SELECT EOMONTH ( @date, 1 ) as NextMonth;

SELECT EOMONTH ( @date, -1 ) as LastMonth;

 

2. CHOOSE

This function can be used to return the value out of a list based on its index number (Note: Index no. here starts from 1) This function takes at-least 2 arguments, where the first must be an INT and the second onwards can be varchar.

The following example returns the Second item from the list of values that are provided.

Select Choose (2, ‘January’, ‘February’, ‘March’);

You can further enhance this functionality and make it dynamic, just declare a variable and depending upon the logic set the value and pass the variable as the first parameter.

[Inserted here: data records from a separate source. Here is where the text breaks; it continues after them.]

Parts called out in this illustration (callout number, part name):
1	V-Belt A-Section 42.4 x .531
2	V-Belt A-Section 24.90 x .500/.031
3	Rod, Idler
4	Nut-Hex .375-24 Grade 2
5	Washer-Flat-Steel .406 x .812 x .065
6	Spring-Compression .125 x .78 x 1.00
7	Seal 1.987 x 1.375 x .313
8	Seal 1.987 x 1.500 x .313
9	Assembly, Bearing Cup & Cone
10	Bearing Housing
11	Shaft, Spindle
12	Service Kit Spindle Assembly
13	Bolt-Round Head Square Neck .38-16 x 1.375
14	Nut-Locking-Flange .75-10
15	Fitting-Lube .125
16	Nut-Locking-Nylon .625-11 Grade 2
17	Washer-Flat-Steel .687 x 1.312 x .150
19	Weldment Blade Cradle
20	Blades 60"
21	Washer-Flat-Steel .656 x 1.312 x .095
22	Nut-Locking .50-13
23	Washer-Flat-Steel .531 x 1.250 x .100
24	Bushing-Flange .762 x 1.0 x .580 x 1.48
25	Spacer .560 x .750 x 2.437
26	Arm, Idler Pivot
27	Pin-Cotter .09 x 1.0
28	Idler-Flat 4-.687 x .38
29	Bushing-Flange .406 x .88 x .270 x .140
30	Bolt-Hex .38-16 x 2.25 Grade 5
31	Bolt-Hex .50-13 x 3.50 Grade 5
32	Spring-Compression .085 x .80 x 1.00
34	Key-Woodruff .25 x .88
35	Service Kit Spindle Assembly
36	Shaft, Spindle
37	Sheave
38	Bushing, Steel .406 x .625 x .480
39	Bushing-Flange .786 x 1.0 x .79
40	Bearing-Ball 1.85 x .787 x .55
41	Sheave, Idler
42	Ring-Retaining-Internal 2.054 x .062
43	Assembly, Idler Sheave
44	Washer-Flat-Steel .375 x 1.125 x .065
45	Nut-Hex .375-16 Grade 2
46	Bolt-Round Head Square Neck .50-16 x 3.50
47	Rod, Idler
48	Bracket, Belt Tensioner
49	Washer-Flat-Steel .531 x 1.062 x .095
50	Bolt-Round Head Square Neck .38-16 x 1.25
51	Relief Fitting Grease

Here’s the example for this:

declare @a int

set @a =2

SELECT CHOOSE ( @a, ‘January’, ‘February’, ‘March’);

 

3. IIF

If you’ve ever done some programming in Java or VB you must’ve realized what is this? Yes this is the same Conditional function which will return the value based on the condition you specified as the first argument. It takes three parameters where the first declares the condition and rest two are the results you want it to return in case the condition comes out to be true or false respectively.

A. Simple IIF example

DECLARE @a int = 45;

DECLARE @b int = 40;

SELECT IIF (@a > @b, ‘TRUE’, ‘FALSE’) AS Result;

You can also put multiple conditions using ‘and’, ‘or’ keywords which will help you to evaluate the condition based on multiple things.

 

B. Complex IIF example

DECLARE @a int = 45;

DECLARE @b int = 40;

SELECT IIF (@a>@b and @b>30, ‘TRUE’, ‘FALSE’) AS Result;

‘And’ keyword specifies that both the conditions @a>@b and @b>30 should be satisfied in order to make it true, whereas if you replace ‘and’ with ‘or’ keyword then the condition will be accepted as true even if one of them fails.

 

4. CONCAT

It’s the same concatenate function that we use in excel, it will concatenate two or more strings to make it single string.  It implicitly converts all arguments to string types. It accepts a minimum of 2 (at-least) Arguments and maximum of 254 Arguments.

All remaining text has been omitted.